In comparison, when evaluated on the SWE-bench Multimodal dataset, RepoRepair maintains state-of-the-art performance with a 37.1% repair rate, albeit at a slightly higher cost of $0.56 per fix. This variation in cost across different datasets suggests that while RepoRepair is robust and effective, the complexity and nature of the dataset can influence the cost-efficiency of the repair process.

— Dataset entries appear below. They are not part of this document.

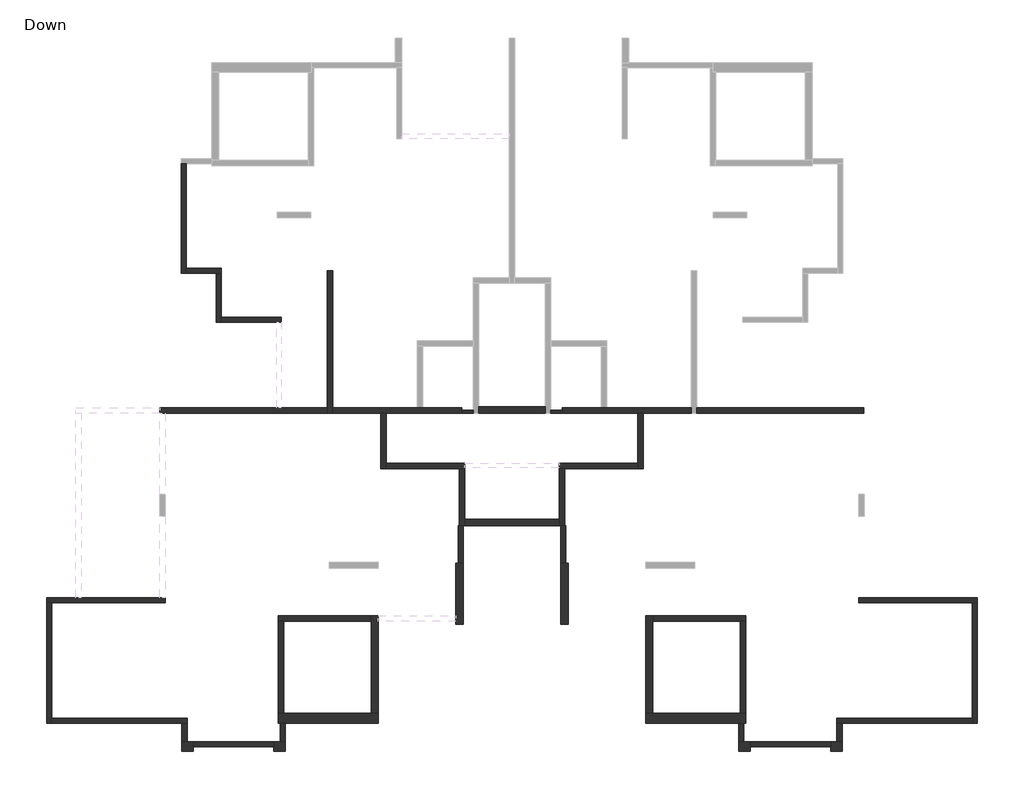
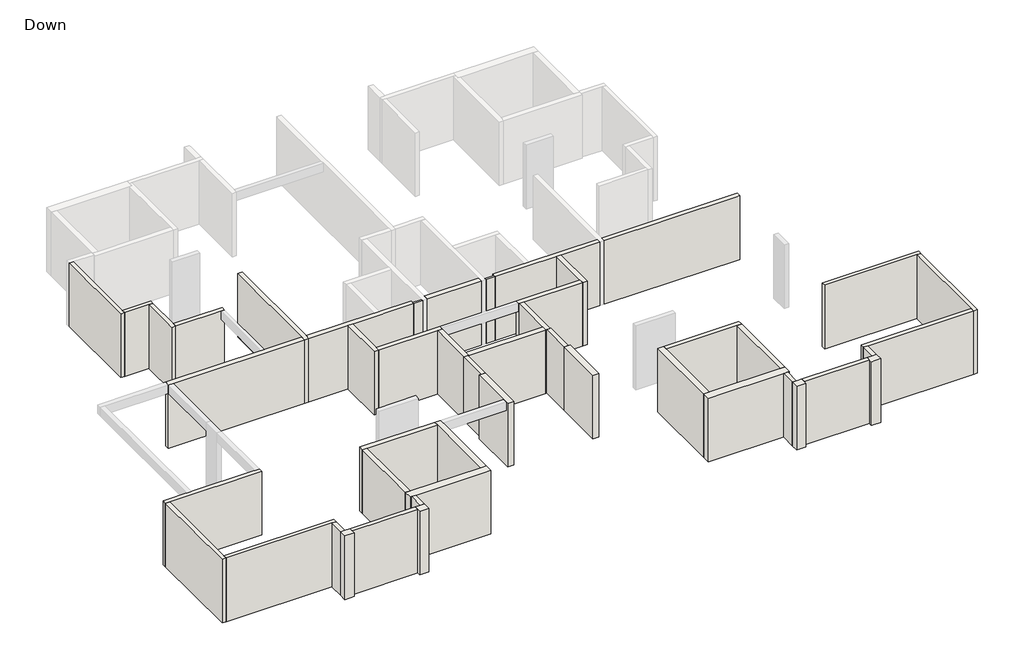
# One storey, part 1 of 2: 47 walls.
# Revit data of these elements (continued)
# Element 24 (IfcWall, "20") (continued)
#   SOFiSTiK_EdgeZones = "W42"
#   SOFiSTiK_AMG_Comments = ""
#   Top Offset = 0 cm
#   Base Offset = 0 cm
#   wall height = 297 cm
#   SOFiSTiK_AMG_Scheduled = yes
#   SOFiSTiK_AMG_Adjusted = yes
#   Phase Created = New Construction
#   Base Constraint = Down
#   Top Constraint = Typical Floor
#   Materials on its faces: "Concrete"
# Element 25 (IfcWall, "20")
#   Comments = ""
#   Mark = "W48"
#   SOFiSTiK_EdgeZones = "W48"
#   SOFiSTiK_AMG_Comments = ""
#   Top Offset = 0 cm
#   Base Offset = 0 cm
#   wall height = 297 cm
#   SOFiSTiK_AMG_Scheduled = yes
#   SOFiSTiK_AMG_Adjusted = yes
#   Phase Created = New Construction
#   Base Constraint = Down
#   Top Constraint = Typical Floor
#   Materials on its faces: "Concrete"
# Element 26 (IfcWall, "20")
#   Comments = ""
#   Mark = "W49"
#   SOFiSTiK_EdgeZones = "W49"
#   SOFiSTiK_AMG_Comments = ""
#   Top Offset = 0 cm
#   Base Offset = 0 cm
#   wall height = 297 cm
#   SOFiSTiK_AMG_Scheduled = yes
#   SOFiSTiK_AMG_Adjusted = yes
#   Phase Created = New Construction
#   Base Constraint = Down
#   Top Constraint = Typical Floor
#   Materials on its faces: "Concrete"
# Element 27 (IfcWall, "20")
#   Comments = ""
#   Mark = "W50"
#   SOFiSTiK_EdgeZones = "W50"
#   SOFiSTiK_AMG_Comments = ""
#   Top Offset = 0 cm
#   Base Offset = 0 cm
#   wall height = 297 cm
#   SOFiSTiK_AMG_Scheduled = yes
#   SOFiSTiK_AMG_Adjusted = yes
#   Phase Created = New Construction
#   Base Constraint = Down
#   Top Constraint = Typical Floor
#   Materials on its faces: "Concrete"
# Element 28 (IfcWall, "20")
#   Comments = ""
#   Mark = "W51"
#   SOFiSTiK_EdgeZones = "W51"
#   SOFiSTiK_AMG_Comments = ""
#   Top Offset = 0 cm
#   Base Offset = 0 cm
#   wall height = 297 cm
#   SOFiSTiK_AMG_Scheduled = yes
#   SOFiSTiK_AMG_Adjusted = yes
#   Phase Created = New Construction
#   Base Constraint = Down
#   Top Constraint = Typical Floor
#   Materials on its faces: "Concrete"
# Element 29 (IfcWall, "20")
#   Comments = ""
#   Mark = "W55"
#   SOFiSTiK_EdgeZones = "W55"
#   SOFiSTiK_AMG_Comments = ""
#   Top Offset = 0 cm
#   Base Offset = 0 cm
#   wall height = 297 cm
#   SOFiSTiK_AMG_Scheduled = yes
#   SOFiSTiK_AMG_Adjusted = yes
#   Phase Created = New Construction
#   Base Constraint = Down
#   Top Constraint = Typical Floor
#   Materials on its faces: "Concrete"
# Element 30 (IfcWall, "20")
#   Comments = ""
#   Mark = "W56"
#   SOFiSTiK_EdgeZones = "W56"
#   SOFiSTiK_AMG_Comments = ""
#   Top Offset = 0 cm
#   Base Offset = 0 cm
#   wall height = 297 cm
#   SOFiSTiK_AMG_Scheduled = yes
#   SOFiSTiK_AMG_Adjusted = yes
#   Phase Created = New Construction
#   Base Constraint = Down
#   Top Constraint = Typical Floor
#   Materials on its faces: "Concrete"
# Element 31 (IfcWall, "20")
#   Comments = ""
#   Mark = "W57"
#   SOFiSTiK_EdgeZones = "W57"
#   SOFiSTiK_AMG_Comments = ""
#   Top Offset = 0 cm
#   Base Offset = 0 cm
#   wall height = 297 cm
#   SOFiSTiK_AMG_Scheduled = yes
#   SOFiSTiK_AMG_Adjusted = yes
#   Phase Created = New Construction
#   Base Constraint = Down
#   Top Constraint = Typical Floor
#   Materials on its faces: "Concrete"
# Element 32 (IfcWall, "20")
#   Comments = ""
#   Mark = "W62"
#   SOFiSTiK_EdgeZones = "W62"
#   SOFiSTiK_AMG_Comments = ""
#   Top Offset = 0 cm
#   Base Offset = 0 cm
#   wall height = 297 cm
#   SOFiSTiK_AMG_Scheduled = yes
#   SOFiSTiK_AMG_Adjusted = yes
#   Phase Created = New Construction
#   Base Constraint = Down
#   Top Constraint = Typical Floor
#   Materials on its faces: "Concrete"
# Element 33 (IfcWall, "20")
#   Comments = ""
#   Mark = "W63"
#   SOFiSTiK_EdgeZones = "W63"
#   SOFiSTiK_AMG_Comments = ""
#   Top Offset = 0 cm
#   Base Offset = 0 cm
#   wall height = 297 cm
#   SOFiSTiK_AMG_Scheduled = yes
#   SOFiSTiK_AMG_Adjusted = yes
#   Phase Created = New Construction
#   Base Constraint = Down
#   Top Constraint = Typical Floor
#   Materials on its faces: "Concrete"
# Element 34 (IfcWall, "20")
#   Comments = ""
#   Mark = "W64"
#   SOFiSTiK_EdgeZones = "W64"
#   SOFiSTiK_AMG_Comments = ""
#   Top Offset = 0 cm
#   Base Offset = 0 cm
#   wall height = 297 cm
#   SOFiSTiK_AMG_Scheduled = yes
#   SOFiSTiK_AMG_Adjusted = yes
#   Phase Created = New Construction
#   Base Constraint = Down
#   Top Constraint = Typical Floor
#   Materials on its faces: "Concrete"
# Element 35 (IfcWall, "20")
#   Comments = ""
#   Mark = "W65"
#   SOFiSTiK_EdgeZones = "W65"
#   SOFiSTiK_AMG_Comments = ""
#   Top Offset = 0 cm
#   Base Offset = 0 cm
#   wall height = 297 cm
#   SOFiSTiK_AMG_Scheduled = yes
#   SOFiSTiK_AMG_Adjusted = yes
#   Phase Created = New Construction
#   Base Constraint = Down
#   Top Constraint = Typical Floor
#   Materials on its faces: "Concrete"
# Element 36 (IfcWall, "23")
#   Comments = ""
#   Mark = "W34"
#   SOFiSTiK_EdgeZones = "W34"
#   SOFiSTiK_AMG_Comments = ""
#   Top Offset = 0 cm
#   Base Offset = 0 cm
#   wall height = 297 cm
#   SOFiSTiK_AMG_Scheduled = yes
#   SOFiSTiK_AMG_Adjusted = yes
#   Phase Created = New Construction
#   Base Constraint = Down
#   Top Constraint = Typical Floor
#   Materials on its faces: "Concrete"
# Element 37 (IfcWall, "23")
#   Comments = ""
#   Mark = "W36"
#   SOFiSTiK_EdgeZones = "W36"
#   SOFiSTiK_AMG_Comments = ""
#   Top Offset = 0 cm
#   Base Offset = 0 cm
#   wall height = 297 cm
#   SOFiSTiK_AMG_Scheduled = yes
#   SOFiSTiK_AMG_Adjusted = yes
#   Phase Created = New Construction
#   Base Constraint = Down
#   Top Constraint = Typical Floor
#   Materials on its faces: "Concrete"
# Element 38 (IfcWall, "25")
#   Comments = ""
#   Mark = "W67"
#   SOFiSTiK_EdgeZones = "W67"
#   SOFiSTiK_AMG_Comments = ""
#   Top Offset = 0 cm
#   Base Offset = 0 cm
#   wall height = 297 cm
#   SOFiSTiK_AMG_Scheduled = yes
#   SOFiSTiK_AMG_Adjusted = yes
#   Phase Created = New Construction
#   Base Constraint = Down
#   Top Constraint = Typical Floor
#   Materials on its faces: "Concrete"
# Element 39 (IfcWall, "25")
#   Comments = ""
#   Mark = "W69"
#   SOFiSTiK_EdgeZones = "W69"
#   SOFiSTiK_AMG_Comments = ""
#   Top Offset = 0 cm
#   Base Offset = 0 cm
#   wall height = 297 cm
#   SOFiSTiK_AMG_Scheduled = yes
#   SOFiSTiK_AMG_Adjusted = yes
#   Phase Created = New Construction
#   Base Constraint = Down
#   Top Constraint = Typical Floor
#   Materials on its faces: "Concrete"
# Element 40 (IfcWall, "27")
#   Comments = ""
#   Mark = "W76"
#   SOFiSTiK_EdgeZones = "W76"
#   SOFiSTiK_AMG_Comments = ""
#   Top Offset = 0 cm
#   Base Offset = 0 cm
#   wall height = 297 cm
#   SOFiSTiK_AMG_Scheduled = yes
#   SOFiSTiK_AMG_Adjusted = yes
#   Phase Created = New Construction
#   Base Constraint = Down
#   Top Constraint = Typical Floor
#   Materials on its faces: "Concrete"
# Element 41 (IfcWall, "27")
#   Comments = ""
#   Mark = "W77"
#   SOFiSTiK_EdgeZones = "W77"
#   SOFiSTiK_AMG_Comments = ""
#   Top Offset = 0 cm
#   Base Offset = 0 cm
#   wall height = 297 cm
#   SOFiSTiK_AMG_Scheduled = yes
#   SOFiSTiK_AMG_Adjusted = yes
#   Phase Created = New Construction
#   Base Constraint = Down
#   Top Constraint = Typical Floor
#   Materials on its faces: "Concrete"
# Element 42 (IfcWall, "33")
#   Comments = ""
#   Mark = "W70"
#   SOFiSTiK_EdgeZones = "W70"
#   SOFiSTiK_AMG_Comments = ""
#   Top Offset = 0 cm
#   Base Offset = 0 cm
#   wall height = 297 cm
#   SOFiSTiK_AMG_Scheduled = yes
#   SOFiSTiK_AMG_Adjusted = yes
#   Phase Created = New Construction
#   Base Constraint = Down
#   Top Constraint = Typical Floor
#   Materials on its faces: "Concrete"
# Element 43 (IfcWall, "33")
#   Comments = ""
#   Mark = "W71"
#   SOFiSTiK_EdgeZones = "W71"
#   SOFiSTiK_AMG_Comments = ""
#   Top Offset = 0 cm
#   Base Offset = 0 cm
#   wall height = 297 cm
#   SOFiSTiK_AMG_Scheduled = yes
#   SOFiSTiK_AMG_Adjusted = yes
#   Phase Created = New Construction
#   Base Constraint = Down
#   Top Constraint = Typical Floor
#   Materials on its faces: "Concrete"
# Element 44 (IfcWall, "33")
#   Comments = ""
#   Mark = "W72"
#   SOFiSTiK_EdgeZones = "W72"
#   SOFiSTiK_AMG_Comments = ""
#   Top Offset = 0 cm
#   Base Offset = 0 cm
#   wall height = 297 cm
#   SOFiSTiK_AMG_Scheduled = yes
#   SOFiSTiK_AMG_Adjusted = yes
#   Phase Created = New Construction
#   Base Constraint = Down
#   Top Constraint = Typical Floor
#   Materials on its faces: "Concrete"
# Element 45 (IfcWall, "33")
#   Comments = ""
#   Mark = "W73"
#   SOFiSTiK_EdgeZones = "W73"
#   SOFiSTiK_AMG_Comments = ""
#   Top Offset = 0 cm
#   Base Offset = 0 cm
#   wall height = 297 cm
#   SOFiSTiK_AMG_Scheduled = yes
#   SOFiSTiK_AMG_Adjusted = yes
#   Phase Created = New Construction
#   Base Constraint = Down
#   Top Constraint = Typical Floor
#   Materials on its faces: "Concrete"
# Element 46 (IfcWall, "35")
#   Comments = ""
#   Mark = "W2"
#   SOFiSTiK_EdgeZones = "W2"
#   SOFiSTiK_AMG_Comments = ""
#   Top Offset = 0 cm
#   Base Offset = 0 cm
#   wall height = 297 cm
#   SOFiSTiK_AMG_Scheduled = yes
#   SOFiSTiK_AMG_Adjusted = yes
#   Phase Created = New Construction
#   Base Constraint = Down
#   Top Constraint = Typical Floor
#   Materials on its faces: "Concrete"
# Element 47 (IfcWall, "35")
#   Comments = ""
#   Mark = "W4"
#   SOFiSTiK_EdgeZones = "W4"
#   SOFiSTiK_AMG_Comments = ""
#   Top Offset = 0 cm
#   Base Offset = 0 cm
#   wall height = 297 cm
#   SOFiSTiK_AMG_Scheduled = yes
#   SOFiSTiK_AMG_Adjusted = yes
#   Phase Created = New Construction
#   Base Constraint = Down
#   Top Constraint = Typical Floor
#   Materials on its faces: "Concrete"
# Materials
#   "Concrete": class "Concrete", colour RGB 192 192 192, transparency 0, Keynote = "01000", Description = "Cast-in-place concrete", Cost = 0

The paper underscores the significance of using powerful LLMs like Claude-4 for repairing identified suspicious code snippets, which contributes to the overall effectiveness of the approach. The ability to deliver high repair rates at relatively low costs across diverse problem domains demonstrates RepoRepair's potential for large-scale adoption in practical applications, where economic considerations are paramount.
Overall, the cost implications of using RepoRepair are favorable, especially when considering the scalability challenges associated with APR. By integrating LLMs for enhanced documentation and repair processes, RepoRepair offers a promising solution that balances performance with cost, making it a viable option for widespread use in software engineering practices.